Carl Nixon is stunningly talented ….His second novel, Settlers' Creek, is a fascinating portrayal of a man alone in the midst of a complex cultural conflict … Nixon sets up a fruitful allegory between the nation Box's ancestors adopted and the son Box adopted, loved and nurtured. These claims are not biological or legal ones, but are moral, spiritual and emotional. Thus the political becomes personal again, and the story of Settlers' Creek returns to Box and his experience, perfectly balancing the exploration of a very contemporary issue with great storytelling.

The Listener

Brave, bold and unflinching, Carl Nixon's Settlers' Creek is one of the best novels to come out of New Zealand. It's not only a gripping, brutal thriller but also a dissection of a country and its culture. It's the kind of book that gets you run out of town.

Witi Ihimaera

... the most problematic book in modern Kiwi literature

Victor Roger, New Zealand Books

With this fascinating odyssey of two different families in mourning Carl Nixon strikes at the most sensitive parts of the human soul... It is definitely worth going on this journey. It takes us not only to the roots of New Zealand but further, to the stranger in all of us.
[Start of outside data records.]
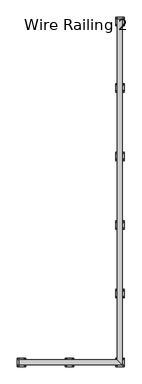
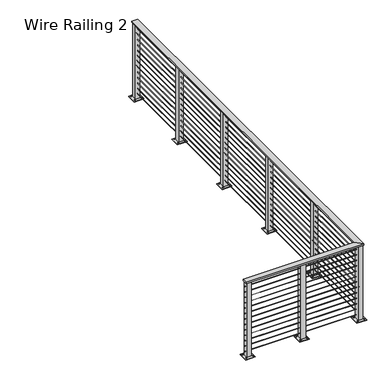
"""IFC4 building model written with IfcOpenShell, lengths in millimetres: railing geometry, Wire Railing 2."""

from ifc_helpers import new_model, si_unit, point, frame, frame_2d, origin, place, context, project, spatial, polyline, circle_curve, ellipse_curve, trimmed, segment, composite_curve, outline, extrude, faceted_brep, source, transform, mapped, element, save
from ifc_brep_helpers import plane_surface, cylinder_surface, advanced_brep


def wire_railing_2_7f4d2c74(model_context):
    return source(origin(), model_context, "Body", "SolidModel", [
        faceted_brep([(21482.8370052, 7634.1103648, 3870.325), (21559.0370052, 7634.1103648, 3870.325), (21559.0370052, 7634.1103648, 3851.275), (21482.8370052, 7634.1103648, 3851.275), (21559.0370052, 2430.2853648, 3870.325), (21559.0370052, 2430.2853648, 3851.275), (21482.8370052, 2506.4853648, 3870.325), (20003.2870052, 2506.4853648, 3870.325), (20003.2870052, 2506.4853648, 3851.275), (20003.2870052, 2430.2853648, 3851.275), (20003.2870052, 2430.2853648, 3870.325), (21482.8370052, 2506.4853648, 3851.275)], [[[0, 1, 2, 3]], [[2, 1, 4, 5]], [[1, 0, 6, 4]], [[7, 8, 9, 10]], [[5, 4, 10, 9]], [[4, 6, 7, 10]], [[3, 2, 5, 11]], [[0, 3, 11, 6]], [[11, 5, 9, 8]], [[6, 11, 8, 7]]]),
        advanced_brep(
        [(21523.3182552, 7634.1103648, 3791.74375), (21518.5557552, 7634.1103648, 3791.74375), (20003.2870052, 2466.0041148, 3791.74375), (20003.2870052, 2470.7666148, 3791.74375), (21523.3182552, 2466.0041148, 3791.74375), (21518.5557552, 2470.7666148, 3791.74375)],
        [
            (0, 1, circle_curve(frame((21520.9370052, 7634.1103648, 3791.74375), z_axis=(0.0, 1.0, 0.0), x_axis=(-1.0, 0.0, 0.0)), 2.38125)),
            (1, 0, circle_curve(frame((21520.9370052, 7634.1103648, 3791.74375), z_axis=(0.0, 1.0, 0.0), x_axis=(-1.0, 0.0, 0.0)), 2.38125)),
            (2, 3, circle_curve(frame((20003.2870052, 2468.3853648, 3791.74375), z_axis=(-1.0, 0.0, 0.0), x_axis=(0.0, 1.0, 0.0)), 2.38125)),
            (3, 2, circle_curve(frame((20003.2870052, 2468.3853648, 3791.74375), z_axis=(-1.0, 0.0, 0.0), x_axis=(0.0, 1.0, 0.0)), 2.38125)),
            (0, 4),
            (4, 5, ellipse_curve(frame((21520.9370052, 2468.3853648, 3791.74375), z_axis=(0.7071067811865475, 0.7071067811865475, 0.0), x_axis=(-0.7071067811865474, 0.7071067811865476, 0.0)), 3.367596, 2.38125)),
            (5, 1),
            (5, 4, ellipse_curve(frame((21520.9370052, 2468.3853648, 3791.74375), z_axis=(0.7071067811865475, 0.7071067811865475, 0.0), x_axis=(-0.7071067811865474, 0.7071067811865476, 0.0)), 3.367596, 2.38125)),
            (4, 2),
            (3, 5),
        ],
        [
            plane_surface(frame((21520.9370052, 7634.1103648, 3794.125), z_axis=(0.0, 1.0, 0.0), x_axis=(0.0, 0.0, -1.0))),
            plane_surface(frame((20003.2870052, 2468.3853648, 3794.125), z_axis=(-1.0, 0.0, 0.0), x_axis=(0.0, -1.0, 0.0))),
            cylinder_surface(frame((21520.9370052, 7634.1103648, 3791.74375), z_axis=(0.0, 1.0, 0.0), x_axis=(-1.0, 0.0, 0.0)), 2.38125),
            cylinder_surface(frame((21520.9370052, 2468.3853648, 3791.74375), z_axis=(1.0, 0.0, 0.0), x_axis=(0.0, 1.0, 0.0)), 2.38125),
        ],
        [
            (0, [[1, 2]]),
            (1, [[3, 4]]),
            (2, [[-1, 5, 6, 7]]),
            (2, [[-2, -7, 8, -5]]),
            (3, [[-6, 9, -4, 10]]),
            (3, [[-8, -10, -3, -9]]),
        ],
    ),
        advanced_brep(
        [(21523.3182552, 7634.1103648, 3715.54375), (21518.5557552, 7634.1103648, 3715.54375), (21523.3182552, 2466.0041148, 3715.54375), (21518.5557552, 2470.7666148, 3715.54375), (20003.2870052, 2466.0041148, 3715.54375), (20003.2870052, 2470.7666148, 3715.54375)],
        [
            (0, 1, circle_curve(frame((21520.9370052, 7634.1103648, 3715.54375), z_axis=(0.0, 1.0, 0.0), x_axis=(-1.0, 0.0, 0.0)), 2.38125)),
            (1, 0, circle_curve(frame((21520.9370052, 7634.1103648, 3715.54375), z_axis=(0.0, 1.0, 0.0), x_axis=(-1.0, 0.0, 0.0)), 2.38125)),
            (0, 2),
            (2, 3, ellipse_curve(frame((21520.9370052, 2468.3853648, 3715.54375), z_axis=(0.7071067811865475, 0.7071067811865475, 0.0), x_axis=(-0.7071067811865474, 0.7071067811865476, 0.0)), 3.367596, 2.38125)),
            (3, 1),
            (3, 2, ellipse_curve(frame((21520.9370052, 2468.3853648, 3715.54375), z_axis=(0.7071067811865475, 0.7071067811865475, 0.0), x_axis=(-0.7071067811865474, 0.7071067811865476, 0.0)), 3.367596, 2.38125)),
            (4, 5, circle_curve(frame((20003.2870052, 2468.3853648, 3715.54375), z_axis=(-1.0, 0.0, 0.0), x_axis=(0.0, 1.0, 0.0)), 2.38125)),
            (5, 4, circle_curve(frame((20003.2870052, 2468.3853648, 3715.54375), z_axis=(-1.0, 0.0, 0.0), x_axis=(0.0, 1.0, 0.0)), 2.38125)),
            (2, 4),
            (5, 3),
        ],
        [
            plane_surface(frame((21520.9370052, 7634.1103648, 3717.925), z_axis=(0.0, 1.0, 0.0), x_axis=(0.0, 0.0, -1.0))),
            cylinder_surface(frame((21520.9370052, 7634.1103648, 3715.54375), z_axis=(0.0, 1.0, 0.0), x_axis=(-1.0, 0.0, 0.0)), 2.38125),
            plane_surface(frame((20003.2870052, 2468.3853648, 3717.925), z_axis=(-1.0, 0.0, 0.0), x_axis=(0.0, -1.0, 0.0))),
            cylinder_surface(frame((21520.9370052, 2468.3853648, 3715.54375), z_axis=(1.0, 0.0, 0.0), x_axis=(0.0, 1.0, 0.0)), 2.38125),
        ],
        [
            (0, [[1, 2]]),
            (1, [[-1, 3, 4, 5]]),
            (1, [[-2, -5, 6, -3]]),
            (2, [[7, 8]]),
            (3, [[-4, 9, -8, 10]]),
            (3, [[-6, -10, -7, -9]]),
        ],
    ),
        advanced_brep(
        [(21523.3182552, 7634.1103648, 3639.34375), (21518.5557552, 7634.1103648, 3639.34375), (21523.3182552, 2466.0041148, 3639.34375), (21518.5557552, 2470.7666148, 3639.34375), (20003.2870052, 2466.0041148, 3639.34375), (20003.2870052, 2470.7666148, 3639.34375)],
        [
            (0, 1, circle_curve(frame((21520.9370052, 7634.1103648, 3639.34375), z_axis=(0.0, 1.0, 0.0), x_axis=(-1.0, 0.0, 0.0)), 2.38125)),
            (1, 0, circle_curve(frame((21520.9370052, 7634.1103648, 3639.34375), z_axis=(0.0, 1.0, 0.0), x_axis=(-1.0, 0.0, 0.0)), 2.38125)),
            (0, 2),
            (2, 3, ellipse_curve(frame((21520.9370052, 2468.3853648, 3639.34375), z_axis=(0.7071067811865475, 0.7071067811865475, 0.0), x_axis=(-0.7071067811865474, 0.7071067811865476, 0.0)), 3.367596, 2.38125)),
            (3, 1),
            (3, 2, ellipse_curve(frame((21520.9370052, 2468.3853648, 3639.34375), z_axis=(0.7071067811865475, 0.7071067811865475, 0.0), x_axis=(-0.7071067811865474, 0.7071067811865476, 0.0)), 3.367596, 2.38125)),
            (4, 5, circle_curve(frame((20003.2870052, 2468.3853648, 3639.34375), z_axis=(-1.0, 0.0, 0.0), x_axis=(0.0, 1.0, 0.0)), 2.38125)),
            (5, 4, circle_curve(frame((20003.2870052, 2468.3853648, 3639.34375), z_axis=(-1.0, 0.0, 0.0), x_axis=(0.0, 1.0, 0.0)), 2.38125)),
            (2, 4),
            (5, 3),
        ],
        [
            plane_surface(frame((21520.9370052, 7634.1103648, 3641.725), z_axis=(0.0, 1.0, 0.0), x_axis=(0.0, 0.0, -1.0))),
            cylinder_surface(frame((21520.9370052, 7634.1103648, 3639.34375), z_axis=(0.0, 1.0, 0.0), x_axis=(-1.0, 0.0, 0.0)), 2.38125),
            plane_surface(frame((20003.2870052, 2468.3853648, 3641.725), z_axis=(-1.0, 0.0, 0.0), x_axis=(0.0, -1.0, 0.0))),
            cylinder_surface(frame((21520.9370052, 2468.3853648, 3639.34375), z_axis=(1.0, 0.0, 0.0), x_axis=(0.0, 1.0, 0.0)), 2.38125),
        ],
        [
            (0, [[1, 2]]),
            (1, [[-1, 3, 4, 5]]),
            (1, [[-2, -5, 6, -3]]),
            (2, [[7, 8]]),
            (3, [[-4, 9, -8, 10]]),
            (3, [[-6, -10, -7, -9]]),
        ],
    ),
        advanced_brep(
        [(21523.3182552, 7634.1103648, 3563.14375), (21518.5557552, 7634.1103648, 3563.14375), (21523.3182552, 2466.0041148, 3563.14375), (21518.5557552, 2470.7666148, 3563.14375), (20003.2870052, 2466.0041148, 3563.14375), (20003.2870052, 2470.7666148, 3563.14375)],
        [
            (0, 1, circle_curve(frame((21520.9370052, 7634.1103648, 3563.14375), z_axis=(0.0, 1.0, 0.0), x_axis=(-1.0, 0.0, 0.0)), 2.38125)),
            (1, 0, circle_curve(frame((21520.9370052, 7634.1103648, 3563.14375), z_axis=(0.0, 1.0, 0.0), x_axis=(-1.0, 0.0, 0.0)), 2.38125)),
            (0, 2),
            (2, 3, ellipse_curve(frame((21520.9370052, 2468.3853648, 3563.14375), z_axis=(0.7071067811865475, 0.7071067811865475, 0.0), x_axis=(-0.7071067811865474, 0.7071067811865476, 0.0)), 3.367596, 2.38125)),
            (3, 1),
            (3, 2, ellipse_curve(frame((21520.9370052, 2468.3853648, 3563.14375), z_axis=(0.7071067811865475, 0.7071067811865475, 0.0), x_axis=(-0.7071067811865474, 0.7071067811865476, 0.0)), 3.367596, 2.38125)),
            (4, 5, circle_curve(frame((20003.2870052, 2468.3853648, 3563.14375), z_axis=(-1.0, 0.0, 0.0), x_axis=(0.0, 1.0, 0.0)), 2.38125)),
            (5, 4, circle_curve(frame((20003.2870052, 2468.3853648, 3563.14375), z_axis=(-1.0, 0.0, 0.0), x_axis=(0.0, 1.0, 0.0)), 2.38125)),
            (2, 4),
            (5, 3),
        ],
        [
            plane_surface(frame((21520.9370052, 7634.1103648, 3565.525), z_axis=(0.0, 1.0, 0.0), x_axis=(0.0, 0.0, -1.0))),
            cylinder_surface(frame((21520.9370052, 7634.1103648, 3563.14375), z_axis=(0.0, 1.0, 0.0), x_axis=(-1.0, 0.0, 0.0)), 2.38125),
            plane_surface(frame((20003.2870052, 2468.3853648, 3565.525), z_axis=(-1.0, 0.0, 0.0), x_axis=(0.0, -1.0, 0.0))),
            cylinder_surface(frame((21520.9370052, 2468.3853648, 3563.14375), z_axis=(1.0, 0.0, 0.0), x_axis=(0.0, 1.0, 0.0)), 2.38125),
        ],
        [
            (0, [[1, 2]]),
            (1, [[-1, 3, 4, 5]]),
            (1, [[-2, -5, 6, -3]]),
            (2, [[7, 8]]),
            (3, [[-4, 9, -8, 10]]),
            (3, [[-6, -10, -7, -9]]),
        ],
    ),
        advanced_brep(
        [(21523.3182552, 7634.1103648, 3486.94375), (21518.5557552, 7634.1103648, 3486.94375), (21523.3182552, 2466.0041148, 3486.94375), (21518.5557552, 2470.7666148, 3486.94375), (20003.2870052, 2466.0041148, 3486.94375), (20003.2870052, 2470.7666148, 3486.94375)],
        [
            (0, 1, circle_curve(frame((21520.9370052, 7634.1103648, 3486.94375), z_axis=(0.0, 1.0, 0.0), x_axis=(-1.0, 0.0, 0.0)), 2.38125)),
            (1, 0, circle_curve(frame((21520.9370052, 7634.1103648, 3486.94375), z_axis=(0.0, 1.0, 0.0), x_axis=(-1.0, 0.0, 0.0)), 2.38125)),
            (0, 2),
            (2, 3, ellipse_curve(frame((21520.9370052, 2468.3853648, 3486.94375), z_axis=(0.7071067811865475, 0.7071067811865475, 0.0), x_axis=(-0.7071067811865474, 0.7071067811865476, 0.0)), 3.367596, 2.38125)),
            (3, 1),
            (3, 2, ellipse_curve(frame((21520.9370052, 2468.3853648, 3486.94375), z_axis=(0.7071067811865475, 0.7071067811865475, 0.0), x_axis=(-0.7071067811865474, 0.7071067811865476, 0.0)), 3.367596, 2.38125)),
            (4, 5, circle_curve(frame((20003.2870052, 2468.3853648, 3486.94375), z_axis=(-1.0, 0.0, 0.0), x_axis=(0.0, 1.0, 0.0)), 2.38125)),
            (5, 4, circle_curve(frame((20003.2870052, 2468.3853648, 3486.94375), z_axis=(-1.0, 0.0, 0.0), x_axis=(0.0, 1.0, 0.0)), 2.38125)),
            (2, 4),
            (5, 3),
        ],
        [
            plane_surface(frame((21520.9370052, 7634.1103648, 3489.325), z_axis=(0.0, 1.0, 0.0), x_axis=(0.0, 0.0, -1.0))),
            cylinder_surface(frame((21520.9370052, 7634.1103648, 3486.94375), z_axis=(0.0, 1.0, 0.0), x_axis=(-1.0, 0.0, 0.0)), 2.38125),
            plane_surface(frame((20003.2870052, 2468.3853648, 3489.325), z_axis=(-1.0, 0.0, 0.0), x_axis=(0.0, -1.0, 0.0))),
            cylinder_surface(frame((21520.9370052, 2468.3853648, 3486.94375), z_axis=(1.0, 0.0, 0.0), x_axis=(0.0, 1.0, 0.0)), 2.38125),
        ],
        [
            (0, [[1, 2]]),
            (1, [[-1, 3, 4, 5]]),
            (1, [[-2, -5, 6, -3]]),
            (2, [[7, 8]]),
            (3, [[-4, 9, -8, 10]]),
            (3, [[-6, -10, -7, -9]]),
        ],
    ),
        advanced_brep(
        [(21523.3182552, 7634.1103648, 3410.74375), (21518.5557552, 7634.1103648, 3410.74375), (21523.3182552, 2466.0041148, 3410.74375), (21518.5557552, 2470.7666148, 3410.74375), (20003.2870052, 2466.0041148, 3410.74375), (20003.2870052, 2470.7666148, 3410.74375)],
        [
            (0, 1, circle_curve(frame((21520.9370052, 7634.1103648, 3410.74375), z_axis=(0.0, 1.0, 0.0), x_axis=(-1.0, 0.0, 0.0)), 2.38125)),
            (1, 0, circle_curve(frame((21520.9370052, 7634.1103648, 3410.74375), z_axis=(0.0, 1.0, 0.0), x_axis=(-1.0, 0.0, 0.0)), 2.38125)),
            (0, 2),
            (2, 3, ellipse_curve(frame((21520.9370052, 2468.3853648, 3410.74375), z_axis=(0.7071067811865475, 0.7071067811865475, 0.0), x_axis=(-0.7071067811865474, 0.7071067811865476, 0.0)), 3.367596, 2.38125)),
            (3, 1),
            (3, 2, ellipse_curve(frame((21520.9370052, 2468.3853648, 3410.74375), z_axis=(0.7071067811865475, 0.7071067811865475, 0.0), x_axis=(-0.7071067811865474, 0.7071067811865476, 0.0)), 3.367596, 2.38125)),
            (4, 5, circle_curve(frame((20003.2870052, 2468.3853648, 3410.74375), z_axis=(-1.0, 0.0, 0.0), x_axis=(0.0, 1.0, 0.0)), 2.38125)),
            (5, 4, circle_curve(frame((20003.2870052, 2468.3853648, 3410.74375), z_axis=(-1.0, 0.0, 0.0), x_axis=(0.0, 1.0, 0.0)), 2.38125)),
            (2, 4),
            (5, 3),
        ],
        [
            plane_surface(frame((21520.9370052, 7634.1103648, 3413.125), z_axis=(0.0, 1.0, 0.0), x_axis=(0.0, 0.0, -1.0))),
            cylinder_surface(frame((21520.9370052, 7634.1103648, 3410.74375), z_axis=(0.0, 1.0, 0.0), x_axis=(-1.0, 0.0, 0.0)), 2.38125),
            plane_surface(frame((20003.2870052, 2468.3853648, 3413.125), z_axis=(-1.0, 0.0, 0.0), x_axis=(0.0, -1.0, 0.0))),
            cylinder_surface(frame((21520.9370052, 2468.3853648, 3410.74375), z_axis=(1.0, 0.0, 0.0), x_axis=(0.0, 1.0, 0.0)), 2.38125),
        ],
        [
            (0, [[1, 2]]),
            (1, [[-1, 3, 4, 5]]),
            (1, [[-2, -5, 6, -3]]),
            (2, [[7, 8]]),
            (3, [[-4, 9, -8, 10]]),
            (3, [[-6, -10, -7, -9]]),
        ],
    ),
        advanced_brep(
        [(21523.3182552, 7634.1103648, 3334.54375), (21518.5557552, 7634.1103648, 3334.54375), (21523.3182552, 2466.0041148, 3334.54375), (21518.5557552, 2470.7666148, 3334.54375), (20003.2870052, 2466.0041148, 3334.54375), (20003.2870052, 2470.7666148, 3334.54375)],
        [
            (0, 1, circle_curve(frame((21520.9370052, 7634.1103648, 3334.54375), z_axis=(0.0, 1.0, 0.0), x_axis=(-1.0, 0.0, 0.0)), 2.38125)),
            (1, 0, circle_curve(frame((21520.9370052, 7634.1103648, 3334.54375), z_axis=(0.0, 1.0, 0.0), x_axis=(-1.0, 0.0, 0.0)), 2.38125)),
            (0, 2),
            (2, 3, ellipse_curve(frame((21520.9370052, 2468.3853648, 3334.54375), z_axis=(0.7071067811865475, 0.7071067811865475, 0.0), x_axis=(-0.7071067811865474, 0.7071067811865476, 0.0)), 3.367596, 2.38125)),
            (3, 1),
            (3, 2, ellipse_curve(frame((21520.9370052, 2468.3853648, 3334.54375), z_axis=(0.7071067811865475, 0.7071067811865475, 0.0), x_axis=(-0.7071067811865474, 0.7071067811865476, 0.0)), 3.367596, 2.38125)),
            (4, 5, circle_curve(frame((20003.2870052, 2468.3853648, 3334.54375), z_axis=(-1.0, 0.0, 0.0), x_axis=(0.0, 1.0, 0.0)), 2.38125)),
            (5, 4, circle_curve(frame((20003.2870052, 2468.3853648, 3334.54375), z_axis=(-1.0, 0.0, 0.0), x_axis=(0.0, 1.0, 0.0)), 2.38125)),
            (2, 4),
            (5, 3),
        ],
        [
            plane_surface(frame((21520.9370052, 7634.1103648, 3336.925), z_axis=(0.0, 1.0, 0.0), x_axis=(0.0, 0.0, -1.0))),
            cylinder_surface(frame((21520.9370052, 7634.1103648, 3334.54375), z_axis=(0.0, 1.0, 0.0), x_axis=(-1.0, 0.0, 0.0)), 2.38125),
            plane_surface(frame((20003.2870052, 2468.3853648, 3336.925), z_axis=(-1.0, 0.0, 0.0), x_axis=(0.0, -1.0, 0.0))),
            cylinder_surface(frame((21520.9370052, 2468.3853648, 3334.54375), z_axis=(1.0, 0.0, 0.0), x_axis=(0.0, 1.0, 0.0)), 2.38125),
        ],
        [
            (0, [[1, 2]]),
            (1, [[-1, 3, 4, 5]]),
            (1, [[-2, -5, 6, -3]]),
            (2, [[7, 8]]),
            (3, [[-4, 9, -8, 10]]),
            (3, [[-6, -10, -7, -9]]),
        ],
    ),
        advanced_brep(
        [(21523.3182552, 7634.1103648, 3258.34375), (21518.5557552, 7634.1103648, 3258.34375), (21523.3182552, 2466.0041148, 3258.34375), (21518.5557552, 2470.7666148, 3258.34375), (20003.2870052, 2466.0041148, 3258.34375), (20003.2870052, 2470.7666148, 3258.34375)],
        [
            (0, 1, circle_curve(frame((21520.9370052, 7634.1103648, 3258.34375), z_axis=(0.0, 1.0, 0.0), x_axis=(-1.0, 0.0, 0.0)), 2.38125)),
            (1, 0, circle_curve(frame((21520.9370052, 7634.1103648, 3258.34375), z_axis=(0.0, 1.0, 0.0), x_axis=(-1.0, 0.0, 0.0)), 2.38125)),
            (0, 2),
            (2, 3, ellipse_curve(frame((21520.9370052, 2468.3853648, 3258.34375), z_axis=(0.7071067811865475, 0.7071067811865475, 0.0), x_axis=(-0.7071067811865474, 0.7071067811865476, 0.0)), 3.367596, 2.38125)),
            (3, 1),
            (3, 2, ellipse_curve(frame((21520.9370052, 2468.3853648, 3258.34375), z_axis=(0.7071067811865475, 0.7071067811865475, 0.0), x_axis=(-0.7071067811865474, 0.7071067811865476, 0.0)), 3.367596, 2.38125)),
            (4, 5, circle_curve(frame((20003.2870052, 2468.3853648, 3258.34375), z_axis=(-1.0, 0.0, 0.0), x_axis=(0.0, 1.0, 0.0)), 2.38125)),
            (5, 4, circle_curve(frame((20003.2870052, 2468.3853648, 3258.34375), z_axis=(-1.0, 0.0, 0.0), x_axis=(0.0, 1.0, 0.0)), 2.38125)),
            (2, 4),
            (5, 3),
        ],
        [
            plane_surface(frame((21520.9370052, 7634.1103648, 3260.725), z_axis=(0.0, 1.0, 0.0), x_axis=(0.0, 0.0, -1.0))),
            cylinder_surface(frame((21520.9370052, 7634.1103648, 3258.34375), z_axis=(0.0, 1.0, 0.0), x_axis=(-1.0, 0.0, 0.0)), 2.38125),
            plane_surface(frame((20003.2870052, 2468.3853648, 3260.725), z_axis=(-1.0, 0.0, 0.0), x_axis=(0.0, -1.0, 0.0))),
            cylinder_surface(frame((21520.9370052, 2468.3853648, 3258.34375), z_axis=(1.0, 0.0, 0.0), x_axis=(0.0, 1.0, 0.0)), 2.38125),
        ],
        [
            (0, [[1, 2]]),
            (1, [[-1, 3, 4, 5]]),
            (1, [[-2, -5, 6, -3]]),
            (2, [[7, 8]]),
            (3, [[-4, 9, -8, 10]]),
            (3, [[-6, -10, -7, -9]]),
        ],
    ),
        advanced_brep(
        [(21523.3182552, 7634.1103648, 3182.14375), (21518.5557552, 7634.1103648, 3182.14375), (21523.3182552, 2466.0041148, 3182.14375), (21518.5557552, 2470.7666148, 3182.14375), (20003.2870052, 2466.0041148, 3182.14375), (20003.2870052, 2470.7666148, 3182.14375)],
        [
            (0, 1, circle_curve(frame((21520.9370052, 7634.1103648, 3182.14375), z_axis=(0.0, 1.0, 0.0), x_axis=(-1.0, 0.0, 0.0)), 2.38125)),
            (1, 0, circle_curve(frame((21520.9370052, 7634.1103648, 3182.14375), z_axis=(0.0, 1.0, 0.0), x_axis=(-1.0, 0.0, 0.0)), 2.38125)),
            (0, 2),
            (2, 3, ellipse_curve(frame((21520.9370052, 2468.3853648, 3182.14375), z_axis=(0.7071067811865475, 0.7071067811865475, 0.0), x_axis=(-0.7071067811865474, 0.7071067811865476, 0.0)), 3.367596, 2.38125)),
            (3, 1),
            (3, 2, ellipse_curve(frame((21520.9370052, 2468.3853648, 3182.14375), z_axis=(0.7071067811865475, 0.7071067811865475, 0.0), x_axis=(-0.7071067811865474, 0.7071067811865476, 0.0)), 3.367596, 2.38125)),
            (4, 5, circle_curve(frame((20003.2870052, 2468.3853648, 3182.14375), z_axis=(-1.0, 0.0, 0.0), x_axis=(0.0, 1.0, 0.0)), 2.38125)),
            (5, 4, circle_curve(frame((20003.2870052, 2468.3853648, 3182.14375), z_axis=(-1.0, 0.0, 0.0), x_axis=(0.0, 1.0, 0.0)), 2.38125)),
            (2, 4),
            (5, 3),
        ],
        [
            plane_surface(frame((21520.9370052, 7634.1103648, 3184.525), z_axis=(0.0, 1.0, 0.0), x_axis=(0.0, 0.0, -1.0))),
            cylinder_surface(frame((21520.9370052, 7634.1103648, 3182.14375), z_axis=(0.0, 1.0, 0.0), x_axis=(-1.0, 0.0, 0.0)), 2.38125),
            plane_surface(frame((20003.2870052, 2468.3853648, 3184.525), z_axis=(-1.0, 0.0, 0.0), x_axis=(0.0, -1.0, 0.0))),
            cylinder_surface(frame((21520.9370052, 2468.3853648, 3182.14375), z_axis=(1.0, 0.0, 0.0), x_axis=(0.0, 1.0, 0.0)), 2.38125),
        ],
        [
            (0, [[1, 2]]),
            (1, [[-1, 3, 4, 5]]),
            (1, [[-2, -5, 6, -3]]),
            (2, [[7, 8]]),
            (3, [[-4, 9, -8, 10]]),
            (3, [[-6, -10, -7, -9]]),
        ],
    ),
        advanced_brep(
        [(21523.3182552, 7634.1103648, 3105.94375), (21518.5557552, 7634.1103648, 3105.94375), (21523.3182552, 2466.0041148, 3105.94375), (21518.5557552, 2470.7666148, 3105.94375), (20003.2870052, 2466.0041148, 3105.94375), (20003.2870052, 2470.7666148, 3105.94375)],
        [
            (0, 1, circle_curve(frame((21520.9370052, 7634.1103648, 3105.94375), z_axis=(0.0, 1.0, 0.0), x_axis=(-1.0, 0.0, 0.0)), 2.38125)),
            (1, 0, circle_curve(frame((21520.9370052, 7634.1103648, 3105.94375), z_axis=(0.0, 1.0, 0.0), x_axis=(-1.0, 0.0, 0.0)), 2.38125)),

Anja Hirsch, Frankfurter Allgemeine Zeitung

Nixon brilliantly manages the balancing act between his characters’ extreme emotions and the culturally explosive issues he is exploring... An exciting New Zealand novel which deals with more than just crime and atonement. - Awarded Five stars

Meike Dannenburg, Bucher Magazine

Settlers Creek is a thriller without a crime – a hard and extremely disillusioning book about the ongoing conflict of identity and politics.

Kolja Mensing, Die Zeit

Atmospheric descriptions of landscapes, lovingly portrayed characters, as well as subtly interlaced family bonds and traditions complete the sometimes very thrilling action.